## [WHAT YOU SHOULD DO]
What do the entries below say? Restate them word for word.

Segment Start: DATA SHOWN

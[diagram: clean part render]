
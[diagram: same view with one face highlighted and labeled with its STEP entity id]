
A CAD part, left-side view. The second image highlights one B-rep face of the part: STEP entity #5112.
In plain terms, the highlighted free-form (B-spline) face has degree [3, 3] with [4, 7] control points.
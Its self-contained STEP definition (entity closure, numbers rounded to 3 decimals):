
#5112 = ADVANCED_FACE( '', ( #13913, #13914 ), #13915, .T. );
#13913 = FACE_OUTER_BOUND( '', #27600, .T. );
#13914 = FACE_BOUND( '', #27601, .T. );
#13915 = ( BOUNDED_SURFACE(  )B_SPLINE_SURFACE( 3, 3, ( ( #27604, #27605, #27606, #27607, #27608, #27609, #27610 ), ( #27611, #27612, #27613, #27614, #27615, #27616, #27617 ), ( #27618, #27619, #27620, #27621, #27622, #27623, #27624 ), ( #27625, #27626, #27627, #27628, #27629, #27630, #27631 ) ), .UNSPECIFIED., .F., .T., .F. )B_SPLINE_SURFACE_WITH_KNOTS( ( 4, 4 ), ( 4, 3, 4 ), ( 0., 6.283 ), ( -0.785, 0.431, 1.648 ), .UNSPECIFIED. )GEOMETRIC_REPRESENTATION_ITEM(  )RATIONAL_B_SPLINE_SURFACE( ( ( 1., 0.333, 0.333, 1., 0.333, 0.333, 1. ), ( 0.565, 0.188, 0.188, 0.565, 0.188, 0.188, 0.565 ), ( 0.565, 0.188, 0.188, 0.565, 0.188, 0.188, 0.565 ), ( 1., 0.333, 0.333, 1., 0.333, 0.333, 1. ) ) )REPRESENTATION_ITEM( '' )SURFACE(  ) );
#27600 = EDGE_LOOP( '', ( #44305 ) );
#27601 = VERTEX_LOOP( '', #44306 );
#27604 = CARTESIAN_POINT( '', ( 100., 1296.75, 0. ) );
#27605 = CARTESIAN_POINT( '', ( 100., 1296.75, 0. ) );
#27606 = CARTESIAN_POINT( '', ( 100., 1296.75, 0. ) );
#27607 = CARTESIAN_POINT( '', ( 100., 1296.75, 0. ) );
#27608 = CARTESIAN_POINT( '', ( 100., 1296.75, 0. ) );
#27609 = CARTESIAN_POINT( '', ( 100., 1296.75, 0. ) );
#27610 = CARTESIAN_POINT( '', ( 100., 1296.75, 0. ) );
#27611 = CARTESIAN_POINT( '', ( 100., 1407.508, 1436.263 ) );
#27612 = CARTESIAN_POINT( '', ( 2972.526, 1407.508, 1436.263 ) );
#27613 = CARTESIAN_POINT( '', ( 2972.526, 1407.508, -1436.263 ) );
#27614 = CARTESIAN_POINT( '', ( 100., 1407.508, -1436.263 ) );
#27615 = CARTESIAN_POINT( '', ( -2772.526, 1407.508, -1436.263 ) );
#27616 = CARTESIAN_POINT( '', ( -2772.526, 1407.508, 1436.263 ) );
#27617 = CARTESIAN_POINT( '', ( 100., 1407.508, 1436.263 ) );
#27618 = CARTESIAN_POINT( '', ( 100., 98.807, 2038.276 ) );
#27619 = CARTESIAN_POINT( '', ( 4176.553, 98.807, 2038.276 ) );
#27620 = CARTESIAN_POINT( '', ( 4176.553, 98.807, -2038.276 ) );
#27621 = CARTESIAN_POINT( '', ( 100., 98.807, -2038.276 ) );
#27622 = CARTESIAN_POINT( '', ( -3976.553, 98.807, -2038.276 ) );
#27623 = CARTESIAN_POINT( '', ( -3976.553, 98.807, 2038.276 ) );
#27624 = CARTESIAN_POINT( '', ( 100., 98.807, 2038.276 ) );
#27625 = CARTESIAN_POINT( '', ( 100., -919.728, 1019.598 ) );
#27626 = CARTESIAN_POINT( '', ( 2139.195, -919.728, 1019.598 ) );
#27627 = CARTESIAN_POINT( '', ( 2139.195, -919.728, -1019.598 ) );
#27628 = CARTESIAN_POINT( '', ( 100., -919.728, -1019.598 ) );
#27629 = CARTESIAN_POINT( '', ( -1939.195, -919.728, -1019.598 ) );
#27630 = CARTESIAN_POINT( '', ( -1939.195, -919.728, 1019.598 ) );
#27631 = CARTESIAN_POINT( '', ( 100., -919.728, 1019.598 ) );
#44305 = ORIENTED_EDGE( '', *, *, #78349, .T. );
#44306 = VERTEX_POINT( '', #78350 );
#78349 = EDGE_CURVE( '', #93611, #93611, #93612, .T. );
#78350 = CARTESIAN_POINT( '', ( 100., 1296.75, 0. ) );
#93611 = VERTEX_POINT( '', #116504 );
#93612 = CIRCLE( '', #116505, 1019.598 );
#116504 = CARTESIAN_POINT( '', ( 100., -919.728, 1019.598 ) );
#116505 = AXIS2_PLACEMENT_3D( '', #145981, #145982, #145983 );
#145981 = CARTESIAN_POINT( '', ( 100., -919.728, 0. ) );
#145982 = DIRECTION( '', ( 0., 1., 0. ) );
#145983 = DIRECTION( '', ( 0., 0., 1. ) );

Segment End: DATA SHOWN

## [EXERCISE RESULT]
[diagram: clean part render]
[diagram: same view with one face highlighted and labeled with its STEP entity id]
A CAD part, left-side view. The second image highlights one B-rep face of the part: STEP entity #5112.
In plain terms, the highlighted free-form (B-spline) face has degree [3, 3] with [4, 7] control points.
Its self-contained STEP definition (entity closure, numbers rounded to 3 decimals):
#5112 = ADVANCED_FACE( '', ( #13913, #13914 ), #13915, .T. );
#13913 = FACE_OUTER_BOUND( '', #27600, .T. );
#13914 = FACE_BOUND( '', #27601, .T. );
#13915 = ( BOUNDED_SURFACE(  )B_SPLINE_SURFACE( 3, 3, ( ( #27604, #27605, #27606, #27607, #27608, #27609, #27610 ), ( #27611, #27612, #27613, #27614, #27615, #27616, #27617 ), ( #27618, #27619, #27620, #27621, #27622, #27623, #27624 ), ( #27625, #27626, #27627, #27628, #27629, #27630, #27631 ) ), .UNSPECIFIED., .F., .T., .F. )B_SPLINE_SURFACE_WITH_KNOTS( ( 4, 4 ), ( 4, 3, 4 ), ( 0., 6.283 ), ( -0.785, 0.431, 1.648 ), .UNSPECIFIED. )GEOMETRIC_REPRESENTATION_ITEM(  )RATIONAL_B_SPLINE_SURFACE( ( ( 1., 0.333, 0.333, 1., 0.333, 0.333, 1. ), ( 0.565, 0.188, 0.188, 0.565, 0.188, 0.188, 0.565 ), ( 0.565, 0.188, 0.188, 0.565, 0.188, 0.188, 0.565 ), ( 1., 0.333, 0.333, 1., 0.333, 0.333, 1. ) ) )REPRESENTATION_ITEM( '' )SURFACE(  ) );
#27600 = EDGE_LOOP( '', ( #44305 ) );
#27601 = VERTEX_LOOP( '', #44306 );
#27604 = CARTESIAN_POINT( '', ( 100., 1296.75, 0. ) );
#27605 = CARTESIAN_POINT( '', ( 100., 1296.75, 0. ) );
#27606 = CARTESIAN_POINT( '', ( 100., 1296.75, 0. ) );
#27607 = CARTESIAN_POINT( '', ( 100., 1296.75, 0. ) );
#27608 = CARTESIAN_POINT( '', ( 100., 1296.75, 0. ) );
#27609 = CARTESIAN_POINT( '', ( 100., 1296.75, 0. ) );
#27610 = CARTESIAN_POINT( '', ( 100., 1296.75, 0. ) );
#27611 = CARTESIAN_POINT( '', ( 100., 1407.508, 1436.263 ) );
#27612 = CARTESIAN_POINT( '', ( 2972.526, 1407.508, 1436.263 ) );
#27613 = CARTESIAN_POINT( '', ( 2972.526, 1407.508, -1436.263 ) );
#27614 = CARTESIAN_POINT( '', ( 100., 1407.508, -1436.263 ) );
#27615 = CARTESIAN_POINT( '', ( -2772.526, 1407.508, -1436.263 ) );
#27616 = CARTESIAN_POINT( '', ( -2772.526, 1407.508, 1436.263 ) );
#27617 = CARTESIAN_POINT( '', ( 100., 1407.508, 1436.263 ) );
#27618 = CARTESIAN_POINT( '', ( 100., 98.807, 2038.276 ) );
#27619 = CARTESIAN_POINT( '', ( 4176.553, 98.807, 2038.276 ) );
#27620 = CARTESIAN_POINT( '', ( 4176.553, 98.807, -2038.276 ) );
#27621 = CARTESIAN_POINT( '', ( 100., 98.807, -2038.276 ) );
#27622 = CARTESIAN_POINT( '', ( -3976.553, 98.807, -2038.276 ) );
#27623 = CARTESIAN_POINT( '', ( -3976.553, 98.807, 2038.276 ) );
#27624 = CARTESIAN_POINT( '', ( 100., 98.807, 2038.276 ) );
#27625 = CARTESIAN_POINT( '', ( 100., -919.728, 1019.598 ) );
#27626 = CARTESIAN_POINT( '', ( 2139.195, -919.728, 1019.598 ) );
#27627 = CARTESIAN_POINT( '', ( 2139.195, -919.728, -1019.598 ) );
#27628 = CARTESIAN_POINT( '', ( 100., -919.728, -1019.598 ) );
#27629 = CARTESIAN_POINT( '', ( -1939.195, -919.728, -1019.598 ) );
#27630 = CARTESIAN_POINT( '', ( -1939.195, -919.728, 1019.598 ) );
#27631 = CARTESIAN_POINT( '', ( 100., -919.728, 1019.598 ) );
#44305 = ORIENTED_EDGE( '', *, *, #78349, .T. );
#44306 = VERTEX_POINT( '', #78350 );
#78349 = EDGE_CURVE( '', #93611, #93611, #93612, .T. );
#78350 = CARTESIAN_POINT( '', ( 100., 1296.75, 0. ) );
#93611 = VERTEX_POINT( '', #116504 );
#93612 = CIRCLE( '', #116505, 1019.598 );
#116504 = CARTESIAN_POINT( '', ( 100., -919.728, 1019.598 ) );
#116505 = AXIS2_PLACEMENT_3D( '', #145981, #145982, #145983 );
#145981 = CARTESIAN_POINT( '', ( 100., -919.728, 0. ) );
#145982 = DIRECTION( '', ( 0., 1., 0. ) );
#145983 = DIRECTION( '', ( 0., 0., 1. ) );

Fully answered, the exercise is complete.